Last fall, after the Casco Bay Island Transit District board and the union reached a dead-end in their contract negotiations, the matter was passed to a three-member arbitration panel, per Maine law for public employers. The ferry service is a quasi-municipal nonprofit, and runs ferries between Portland and the Casco Bay islands, as well as offers cruises and charter services.

On March 18, the arbitrators released their report on recommendations for a new contract, and a week later, the transit's board of directors voted unanimously to accept the report, General Manager Hank Berg says.

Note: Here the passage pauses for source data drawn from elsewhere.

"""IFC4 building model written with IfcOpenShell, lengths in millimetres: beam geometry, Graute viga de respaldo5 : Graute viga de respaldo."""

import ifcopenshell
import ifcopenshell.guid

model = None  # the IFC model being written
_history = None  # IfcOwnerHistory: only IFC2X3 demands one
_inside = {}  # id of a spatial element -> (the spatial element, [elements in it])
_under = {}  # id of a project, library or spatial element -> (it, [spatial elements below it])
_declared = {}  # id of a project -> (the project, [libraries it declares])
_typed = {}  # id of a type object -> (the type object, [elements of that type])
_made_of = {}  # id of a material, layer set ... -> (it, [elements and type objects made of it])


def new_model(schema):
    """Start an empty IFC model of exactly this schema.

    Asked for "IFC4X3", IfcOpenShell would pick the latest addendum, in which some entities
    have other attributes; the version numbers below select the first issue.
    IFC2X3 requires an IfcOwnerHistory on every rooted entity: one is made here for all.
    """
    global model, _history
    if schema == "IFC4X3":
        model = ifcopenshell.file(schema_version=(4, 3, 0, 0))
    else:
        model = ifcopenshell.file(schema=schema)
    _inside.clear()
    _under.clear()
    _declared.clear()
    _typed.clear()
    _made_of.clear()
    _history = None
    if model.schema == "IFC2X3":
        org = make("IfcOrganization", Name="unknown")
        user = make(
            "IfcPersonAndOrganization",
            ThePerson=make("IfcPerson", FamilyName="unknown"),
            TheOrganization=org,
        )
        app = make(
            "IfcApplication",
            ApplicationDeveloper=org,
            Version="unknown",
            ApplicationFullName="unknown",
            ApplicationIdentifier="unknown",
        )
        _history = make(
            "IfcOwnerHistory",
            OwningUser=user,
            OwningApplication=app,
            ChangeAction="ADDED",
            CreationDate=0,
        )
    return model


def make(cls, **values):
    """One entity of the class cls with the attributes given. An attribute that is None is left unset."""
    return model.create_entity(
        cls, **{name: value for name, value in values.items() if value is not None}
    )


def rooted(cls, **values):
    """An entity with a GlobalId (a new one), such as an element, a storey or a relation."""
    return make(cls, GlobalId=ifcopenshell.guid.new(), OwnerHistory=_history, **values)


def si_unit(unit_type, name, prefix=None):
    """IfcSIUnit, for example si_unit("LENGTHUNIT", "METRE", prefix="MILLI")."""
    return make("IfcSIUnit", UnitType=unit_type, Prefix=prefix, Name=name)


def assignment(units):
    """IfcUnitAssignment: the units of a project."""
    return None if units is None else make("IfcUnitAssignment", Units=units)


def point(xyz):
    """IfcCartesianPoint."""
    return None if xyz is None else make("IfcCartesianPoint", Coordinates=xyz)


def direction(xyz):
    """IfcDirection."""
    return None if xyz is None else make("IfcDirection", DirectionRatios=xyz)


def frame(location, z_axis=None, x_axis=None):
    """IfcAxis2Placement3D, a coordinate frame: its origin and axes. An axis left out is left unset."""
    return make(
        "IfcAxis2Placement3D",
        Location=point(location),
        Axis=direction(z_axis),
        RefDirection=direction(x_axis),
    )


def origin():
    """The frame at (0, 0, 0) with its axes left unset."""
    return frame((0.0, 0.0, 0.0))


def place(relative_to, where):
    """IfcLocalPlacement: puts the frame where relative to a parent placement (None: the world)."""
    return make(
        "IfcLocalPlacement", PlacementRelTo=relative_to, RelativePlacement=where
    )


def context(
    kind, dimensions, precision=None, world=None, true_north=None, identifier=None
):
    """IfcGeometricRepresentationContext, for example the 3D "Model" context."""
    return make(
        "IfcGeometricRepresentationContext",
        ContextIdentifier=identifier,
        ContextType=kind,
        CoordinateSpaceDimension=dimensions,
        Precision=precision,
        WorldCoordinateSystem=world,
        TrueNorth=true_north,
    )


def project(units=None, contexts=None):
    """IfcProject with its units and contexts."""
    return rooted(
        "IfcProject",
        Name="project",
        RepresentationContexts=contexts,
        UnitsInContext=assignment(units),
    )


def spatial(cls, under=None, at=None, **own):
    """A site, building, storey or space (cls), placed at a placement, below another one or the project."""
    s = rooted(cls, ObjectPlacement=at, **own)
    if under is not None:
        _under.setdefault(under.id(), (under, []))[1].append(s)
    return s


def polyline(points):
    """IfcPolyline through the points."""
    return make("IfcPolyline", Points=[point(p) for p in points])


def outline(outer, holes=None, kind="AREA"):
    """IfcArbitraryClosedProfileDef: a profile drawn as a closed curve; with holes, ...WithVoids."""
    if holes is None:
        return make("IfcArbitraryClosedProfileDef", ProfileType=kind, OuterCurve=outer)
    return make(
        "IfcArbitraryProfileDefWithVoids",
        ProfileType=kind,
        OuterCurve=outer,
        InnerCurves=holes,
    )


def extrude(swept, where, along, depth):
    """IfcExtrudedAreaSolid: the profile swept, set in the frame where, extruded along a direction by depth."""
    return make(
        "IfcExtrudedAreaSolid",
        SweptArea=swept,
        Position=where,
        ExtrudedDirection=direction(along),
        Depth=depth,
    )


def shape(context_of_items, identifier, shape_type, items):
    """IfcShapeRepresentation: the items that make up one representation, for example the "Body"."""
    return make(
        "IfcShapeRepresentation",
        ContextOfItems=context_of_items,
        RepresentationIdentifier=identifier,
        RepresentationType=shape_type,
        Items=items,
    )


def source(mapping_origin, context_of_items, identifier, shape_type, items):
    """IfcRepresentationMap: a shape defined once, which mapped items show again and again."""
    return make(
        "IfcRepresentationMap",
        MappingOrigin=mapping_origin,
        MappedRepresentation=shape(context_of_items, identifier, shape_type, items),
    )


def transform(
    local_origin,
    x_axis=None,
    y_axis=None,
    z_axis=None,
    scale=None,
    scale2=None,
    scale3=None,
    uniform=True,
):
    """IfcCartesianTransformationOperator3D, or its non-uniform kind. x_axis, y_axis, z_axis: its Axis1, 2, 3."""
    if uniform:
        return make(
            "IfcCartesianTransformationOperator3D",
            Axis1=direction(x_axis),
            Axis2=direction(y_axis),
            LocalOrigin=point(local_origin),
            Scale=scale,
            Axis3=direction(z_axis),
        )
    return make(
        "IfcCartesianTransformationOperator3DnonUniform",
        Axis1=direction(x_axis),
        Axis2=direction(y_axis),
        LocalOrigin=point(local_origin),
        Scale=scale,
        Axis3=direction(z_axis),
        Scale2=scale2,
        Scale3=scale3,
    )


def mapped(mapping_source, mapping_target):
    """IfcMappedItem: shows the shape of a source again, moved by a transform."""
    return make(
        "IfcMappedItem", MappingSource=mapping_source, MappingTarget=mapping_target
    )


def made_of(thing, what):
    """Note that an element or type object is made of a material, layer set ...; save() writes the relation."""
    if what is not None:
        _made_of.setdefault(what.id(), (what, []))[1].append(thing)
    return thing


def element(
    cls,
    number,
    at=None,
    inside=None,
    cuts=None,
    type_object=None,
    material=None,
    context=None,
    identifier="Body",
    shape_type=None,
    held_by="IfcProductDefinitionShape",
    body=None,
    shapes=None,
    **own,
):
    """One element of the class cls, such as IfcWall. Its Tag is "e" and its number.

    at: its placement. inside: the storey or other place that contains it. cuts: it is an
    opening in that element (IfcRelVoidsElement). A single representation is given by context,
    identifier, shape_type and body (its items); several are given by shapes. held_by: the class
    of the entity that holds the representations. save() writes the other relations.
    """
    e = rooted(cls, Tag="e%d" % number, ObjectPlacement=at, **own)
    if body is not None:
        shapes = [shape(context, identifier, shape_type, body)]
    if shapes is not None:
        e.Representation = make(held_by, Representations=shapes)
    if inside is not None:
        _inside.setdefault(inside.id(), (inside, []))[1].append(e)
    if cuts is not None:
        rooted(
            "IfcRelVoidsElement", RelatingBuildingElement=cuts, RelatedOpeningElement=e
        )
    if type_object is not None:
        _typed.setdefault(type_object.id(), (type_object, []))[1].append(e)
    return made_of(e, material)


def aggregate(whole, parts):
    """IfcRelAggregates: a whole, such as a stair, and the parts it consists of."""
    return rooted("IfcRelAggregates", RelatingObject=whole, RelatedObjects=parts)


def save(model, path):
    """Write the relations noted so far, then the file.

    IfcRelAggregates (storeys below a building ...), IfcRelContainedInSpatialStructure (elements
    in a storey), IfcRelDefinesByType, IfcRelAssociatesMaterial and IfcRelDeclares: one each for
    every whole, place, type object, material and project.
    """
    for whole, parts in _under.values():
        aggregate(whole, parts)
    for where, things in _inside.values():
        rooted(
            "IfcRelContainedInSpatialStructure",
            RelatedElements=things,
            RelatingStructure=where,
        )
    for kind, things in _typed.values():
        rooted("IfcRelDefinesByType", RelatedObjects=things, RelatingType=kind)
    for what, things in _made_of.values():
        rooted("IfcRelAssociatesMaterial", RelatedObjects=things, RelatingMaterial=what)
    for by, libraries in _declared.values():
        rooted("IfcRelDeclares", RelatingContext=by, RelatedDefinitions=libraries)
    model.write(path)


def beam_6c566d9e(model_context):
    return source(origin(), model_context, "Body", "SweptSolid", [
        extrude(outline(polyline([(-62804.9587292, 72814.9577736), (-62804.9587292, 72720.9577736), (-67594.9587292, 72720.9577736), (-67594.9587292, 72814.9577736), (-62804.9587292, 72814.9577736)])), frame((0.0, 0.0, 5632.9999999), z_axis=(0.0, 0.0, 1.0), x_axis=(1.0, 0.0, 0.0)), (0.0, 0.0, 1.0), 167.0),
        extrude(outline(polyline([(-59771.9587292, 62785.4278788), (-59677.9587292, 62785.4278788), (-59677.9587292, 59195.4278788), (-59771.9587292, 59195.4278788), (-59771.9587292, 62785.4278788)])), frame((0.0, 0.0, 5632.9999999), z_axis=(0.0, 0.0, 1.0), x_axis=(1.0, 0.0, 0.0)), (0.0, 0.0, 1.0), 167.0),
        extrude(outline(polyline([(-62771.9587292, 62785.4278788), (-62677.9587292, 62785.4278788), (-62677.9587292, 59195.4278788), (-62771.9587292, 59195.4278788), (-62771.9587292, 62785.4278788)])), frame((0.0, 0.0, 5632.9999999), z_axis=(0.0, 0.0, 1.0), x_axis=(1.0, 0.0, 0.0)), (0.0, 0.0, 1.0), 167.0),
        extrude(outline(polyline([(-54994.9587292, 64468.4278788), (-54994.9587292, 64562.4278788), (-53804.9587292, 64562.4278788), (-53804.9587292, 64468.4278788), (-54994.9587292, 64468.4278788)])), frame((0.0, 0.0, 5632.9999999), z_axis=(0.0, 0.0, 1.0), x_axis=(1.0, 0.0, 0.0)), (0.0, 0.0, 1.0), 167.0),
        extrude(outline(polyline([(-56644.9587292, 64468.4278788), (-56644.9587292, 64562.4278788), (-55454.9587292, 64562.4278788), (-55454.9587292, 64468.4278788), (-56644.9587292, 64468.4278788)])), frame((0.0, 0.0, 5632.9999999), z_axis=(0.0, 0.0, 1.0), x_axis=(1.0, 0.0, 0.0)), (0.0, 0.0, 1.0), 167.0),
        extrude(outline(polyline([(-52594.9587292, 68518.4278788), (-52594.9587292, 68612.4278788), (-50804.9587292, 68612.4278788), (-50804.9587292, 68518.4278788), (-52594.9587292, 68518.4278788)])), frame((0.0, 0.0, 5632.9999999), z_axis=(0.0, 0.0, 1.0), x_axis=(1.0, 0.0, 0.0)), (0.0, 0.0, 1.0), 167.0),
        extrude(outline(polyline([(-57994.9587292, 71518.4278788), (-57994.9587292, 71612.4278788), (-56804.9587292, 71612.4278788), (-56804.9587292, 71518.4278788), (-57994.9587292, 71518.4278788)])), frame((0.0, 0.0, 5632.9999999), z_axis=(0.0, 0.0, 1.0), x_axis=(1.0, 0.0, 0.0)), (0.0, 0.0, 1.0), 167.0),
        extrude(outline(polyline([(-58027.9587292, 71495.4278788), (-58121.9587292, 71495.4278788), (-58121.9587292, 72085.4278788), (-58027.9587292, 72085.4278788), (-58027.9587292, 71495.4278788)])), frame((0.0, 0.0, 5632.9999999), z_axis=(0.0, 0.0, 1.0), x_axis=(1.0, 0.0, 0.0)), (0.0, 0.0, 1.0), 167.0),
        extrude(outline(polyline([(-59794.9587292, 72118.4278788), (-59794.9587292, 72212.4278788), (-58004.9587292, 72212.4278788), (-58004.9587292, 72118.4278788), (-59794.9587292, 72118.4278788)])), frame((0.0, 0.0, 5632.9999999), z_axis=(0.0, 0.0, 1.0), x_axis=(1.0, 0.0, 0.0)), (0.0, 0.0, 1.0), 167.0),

"I am just hopeful that we can bring this to a closure and look forward," Berg says. "And even through this long dispute, all the employees did a fantastic job even with that hanging over everyone's heads."

Details in the report cannot be revealed until April 2, according to Berg.

William Harrigan, president of the Local 333 United Marine Division of the International Longshoremen's Association and the ferry workers' representative, says he and the 31 union employees are reviewing the report, which includes recommendations for pensions, health care insurance, wages and overtime scheduling. He predicts the employees will likely accept it.

"We really have no choice," he says. "It is probably going to pass. We've gone as far as we can."

Harrigan says the union was "faced with huge cuts in our health care, in our wages, and also in our pension, so we had no choice but to keep going."

The board president, Patrick Flynn, wrote in a statement "that the report ... represents compromises from both sides on salary, insurance, pension and minimum pay provisions." In a letter printed in the January/February issue of the Island Times, Flynn writes that employee wages rose 26% to 47% from 2000 to 2008, and that last year, the company covered 82% of the total cost of medical insurance for workers, as well as contributed to pensions and Social Security.

Berg says the ferry had operated in a deficit for 10 years up to 2008, accumulating just under $1 million in losses and a comparable debt, and that the board and managers had done some cost cutting over the past two years to try to stabilize finances. Good summertime weather has boosted the company, he adds, and the losses between fiscal years 2008 and 2009 were reduced to about $724,000.